Assim, ele encena este processo de duas fases uma terceira vez, mas é um pouco diferente desta vez, porque as emoções deles mudaram, portanto as emoções que eles estão projetando nele mudaram. Eles não estão tão com medo dele como eram antes, na verdade, eles estão começando a gostar dele e da trupe de "bizarros" bailarinos dele, mas eles ainda não têm certeza sobre ele e ainda querem que ele vá parta, embora eles estejam em conflito sobre isso.
Assim, ele encena essas emoções para eles: ele destrói a si mesmo e vira pó diante dos olhos deles. Mas depois ele reaparece e mais uma vez mostra que era apenas uma ilusão. Dessa forma, repetidamente, vemo-lo incorporando e até mesmo exagerando os medos e desejos que o povo da cidade está projetando em cima dele, e depois dissolvendo esses mesmos medos e desejos.
Joie: Eu acho que é muito interessante o fato de que ele repete este processo, várias vezes, ao longo deste curta-metragem. Isso me deixa saber que ele estava realmente tentando fazer um ponto. Há algo que ele quer que nós realmente peguemos... Alguma ideia que ele quer que nós realmente entendamos e compreendamos. Caso contrário, por que ficar se repetindo?
Willa: Isso se parece assim para mim também. Ele encena esse duplo movimento três vezes em Ghosts, uma após a outra – na verdade, esse é basicamente o enredo de Ghosts, essa série de três movimentos duplos – o que me diz que isso é realmente significativo. Significativamente, isso é exatamente o que ele está fazendo em Thriller, também, como falamos na semana passada.
Na verdade, o enredo de Thriller é também uma série de três movimentos duplos – ou melhor, dois e meio, pois o último termina sem resolução – e se olharmos para o que estava acontecendo em 1983, a trama de Thriller faz todo o sentido. No início de 1980, ele era primeiro ídolo adolescente negro da nossa nação, o que era ao mesmo tempo excitante e monstruoso para um monte de gente.
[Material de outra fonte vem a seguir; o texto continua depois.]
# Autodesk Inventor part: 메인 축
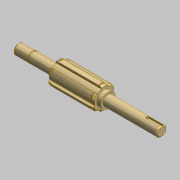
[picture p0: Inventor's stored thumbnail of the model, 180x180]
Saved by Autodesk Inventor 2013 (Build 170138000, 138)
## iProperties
Created: 2015-11
Part Number: 메인 축
Document SubType Name: 모델링
Designer: mdu
Mass: 168.566 g
Surface Area: 72.5108 cm^2
Volume: 21.4461 cm^3
Density: 7.86 g/cm^3
Material: 강철, 연강
변환 표준: STEP AP214IS
파일 이름: C:\Users\SeoGD\Desktop\?쒗뿕\硫붿씤 異?.stp
전처리기: Build: 253, Release: 2010 SP1 - Date: Wed 07/29/2009
전송 단위: 밀리미터
불확실성: 0.01
Author: mdu
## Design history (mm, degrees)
sketch "스케치1"
  geometry: L1 (-69.5, 0)-(69.5, 0); L2 (69.5, 0)-(69.5, 5); L3 (69.5, 5)-(55.5, 5); L4 (55.5, 5)-(55.5, 4.8); L5 (55.5, 4.8)-(54.35, 4.8); L6 (54.35, 4.8)-(54.35, 5); L7 (54.35, 5)-(30.5, 5); L8 (30.5, 5)-(30.5, 9); L9 (30.5, 9)-(-13.5, 9); L10 (-13.5, 9)-(-13.5, 7); L11 (-13.5, 7)-(-17.5, 7); L12 (-17.5, 7)-(-17.5, 5); L13 (-17.5, 5)-(-69.5, 5); L14 (-69.5, 5)-(-69.5, 0); 2 further points
  constraints: 28 end point, 9 parallel, 4 collinear, 2 perpendicular, 1 coincident, 1 horizontal, 1 midpoint
  dimensions: "d2" = 1.15 distance between parallel lines of L6 L4; "d3" = 10 diameter of L3 L1; "d4" = 9.6 diameter of L5 L1; "d6" = 44 distance between parallel lines of L10 L8; "d7" = 4 distance between parallel lines of L12 L10; "d8" = 14 diameter of L11 L1; "d9" = 18 diameter of L9 L1; "d33" = 52 distance from line of L12.end L14; "d37" = 39 distance between parallel lines of L8 L2; "d38" = 14 distance between parallel lines of L2 L4
revolve "회전1" sketch "스케치1" stored, may be unused: angle "d10" = 90 deg
sketch "스케치2"
  geometry: L1 (2.5, 10.712)-(2.5, 8.646); L2 (-2.5, 10.712)-(-2.5, 8.646); A1 r 9 centre (0, 0) between (2.5, 8.646) and (-2.5, 8.646) reference; A2 r 11 centre (0, 0) between (2.5, 10.712) and (-2.5, 10.712); 1 further point
  constraints: 4 end point, 4 point on circle, 2 parallel, 1 centre point, 1 coincident, 1 vertical
  dimensions: "d11" = 22 diameter of A2; "d12" = 5 distance between parallel lines of L1 L2
extrude "돌출1" join sketch "스케치2" stored distance "d13" = 10; taper "d14" = 0 deg
chamfer "모따기1" distance "d15" = 1; stored, may be unused: second distance "d16" = 2, angle "d17" = 45 deg
node "작업 평면1"
node "작업 평면2"
sketch "스케치3"
  geometry: L1 (2.5, 10.712)-(2.5, 10.198); L2 (-2.5, 10.712)-(-2.5, 10.198); A1 r 11 centre (0, 0) between (2.5, 10.712) and (-2.5, 10.712) reference; A2 r 10.5 centre (0, 0) between (2.5, 10.198) and (-2.5, 10.198); 1 further point
  constraints: 4 end point, 2 point on circle, 1 centre point, 1 coincident, 1 parallel, 1 vertical
  dimensions: "d19" = 21 diameter of A2
extrude "돌출2" cut sketch "스케치3" distance "d20" = 1.35; taper "d21" = 0 deg
node "작업 평면3"
sketch "스케치4"
  geometry: L1 (-26, -5)-(-26, 5) reference; L2 (-26, 1.5)-(-12.5, 1.5); L3 (-12.5, -1.5)-(-26, -1.5); A1 r 1.5 centre (-12.5, 0) between (-12.5, -1.5) and (-12.5, 1.5); 2 further points
  constraints: 4 end point, 2 perpendicular, 2 point on circle, 2 point on line, 2 tangent, 1 centre point, 1 horizontal alignment, 1 midpoint
  dimensions: "d25" = 3 distance between parallel lines of L3 L2; "d26" = 15 dimension on A1 L1
extrude "돌출3" cut sketch "스케치4" distance "d27" = 1.8; taper "d28" = 0 deg
chamfer "모따기2" distance "d29" = 1; stored, may be unused: second distance "d30" = 2, angle "d31" = 45 deg
node "솔리드1"
node "솔리드 본체"
node "곡면 본체"
mirror "대칭1"
pattern_circular "원형 패턴1" dims "d23" = 360 deg
node "솔리드2"
other parameters: "d18" = -1.65
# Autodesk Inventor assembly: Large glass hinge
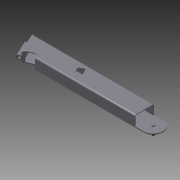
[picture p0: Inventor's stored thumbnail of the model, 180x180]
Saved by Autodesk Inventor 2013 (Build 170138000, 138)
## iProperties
Shininess: 64.0
Length Units: 11269
Angle Units: 11279
Time Units: 11290
Mass Units: 11283
Length Display Precision: 3
Angle Display Precision: 2
Compacted: True
Created: 2005-02
Part Number: Large glass hinge
Document SubType Name: Assembly
Designer: =<Author>
Manufacturer: Standard
Standards Organization: Custom
Description: =<Part Number>
Density: 0.0
Volumn: 0.0
Area: 0.0
PropertySet Name: Model Information
Control State: 0
Master: False
Checked Out: False
Checked Out Date: 2008-10-15
Last Check In Date: 2008-10-15
Author: PVitaliy
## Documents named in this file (6)
- Y:\Dropbox\Launch 2013\Eco Material Advisor\Assy, Door\_Data\Assy, Cab\Large glass hinge.iam
- Y:\Dropbox\Launch 2013\Eco Material Advisor\Assy, Door\_Data\Assy, Cab\glass sheet.ipt
- Y:\Dropbox\Launch 2013\Eco Material Advisor\Assy, Door\_Data\Assy, Cab\Glass section.ipt
- Y:\Dropbox\Launch 2013\Eco Material Advisor\Assy, Door\_Data\Assy, Cab\glass holder.ipt
- Y:\Dropbox\Launch 2013\Eco Material Advisor\Assy, Door\_Data\Assy, Cab\Hinge 1.ipt
- Y:\Dropbox\Launch 2013\Eco Material Advisor\Assy, Door\_Data\Assy, Cab\PK46.51.13.004.ipt
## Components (6 placed, 5 different names)
1. PK46.51.13.004:1 — Insert:2
2. PK46.51.13.004:2 — Insert:1
3. Glass section:1 — Mate:1, Flush:1, Flush:2, Mate:2, Mate:3
4. glass sheet:1 — Mate:1, Flush:1, Flush:2, Flush:3, Mate:4, Insert:1, Insert:2
5. glass holder:1 — Mate:2, Flush:3, Mate:3, Tangent:1, Flush:4
6. Hinge 1:1 — Tangent:1, Mate:4, Flush:4
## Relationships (11: Mate 4, Flush 4, Insert 2, Tangent 1)
- Mate:1: Glass section:1 ↔ glass sheet:1
- Flush:1: Glass section:1 ↔ glass sheet:1
- Flush:2: Glass section:1 ↔ glass sheet:1
- Mate:2: Glass section:1 ↔ glass holder:1
- Flush:3: glass sheet:1 ↔ glass holder:1
- Mate:3: Glass section:1 ↔ glass holder:1
- Tangent:1: glass holder:1 ↔ Hinge 1:1
- Mate:4: glass sheet:1 ↔ Hinge 1:1
- Flush:4: glass holder:1 ↔ Hinge 1:1
- Insert:1: PK46.51.13.004:2 ↔ glass sheet:1
- Insert:2: PK46.51.13.004:1 ↔ glass sheet:1

Portanto, ele responde, tornando-se um monstro na tela – um lobisomem, um zumbi, uma criatura desconhecida com olhos de gato – mas em seguida neutraliza essas emoções, mostrando-nos que "É apenas um filme."
E eu acredito que ele respondeu à histeria da mídia em torno das falsas alegações de abuso sexual da mesma forma. Através da ilusão de cirurgia plástica, fez-se monstruoso na mente do público. Mas é apenas uma ilusão. Ele está apenas refletindo o que o público está projetando em cima dele, como ele explica muito claramente em "Is It Scary":
Eu serei
Exactly
what you wanna see
Exatamente
o que você quer ver
It’s you
who’s taunting me
É você que
está me provocando
Because
you’re wanting me
Porque
você quer que eu seja
To be the stranger in the night
O estraho na noite
Am I
amusing you
Eu estou
divertindo você
Or just
confusing you?
Ou estou
confundindo você
Am I the
beast you visualized?
Eu sou a
besta que você visualizou?
And if you
wanna see
E se você
quer ver
Eccentric
oddities
Estranhas
excentricidades
I’ll be
grotesque before your eyes
Eu serei
grotesco diante de seus olhos
Let them
all materialize. …
Deixe que
todas elas se materializem...
So did you come to me
Portanto,
você veio a mim
To see your fantasies
Para ver suas fantasias
Performed before your very eyes?
Apresentadas
bem diante de seus olhos
A haunting
ghostly treat
Um deleite
de assombração fantasmagórico
The ghoulish trickery
O truque macabro
And spirits dancing in the night?
E
espíritos dançando na noite?
But if you came to see
Mas se
você veio para ver
The truth, the purity
A verdade, a pureza
It’s here
inside a lonely heart
Está aqui
dentro um coração solitário
So let the performance start
Então
vamos deixar a performance começar
So tell me, Is that realism for you, baby?
Então,
diga-me, Isso é realism para você, baby ?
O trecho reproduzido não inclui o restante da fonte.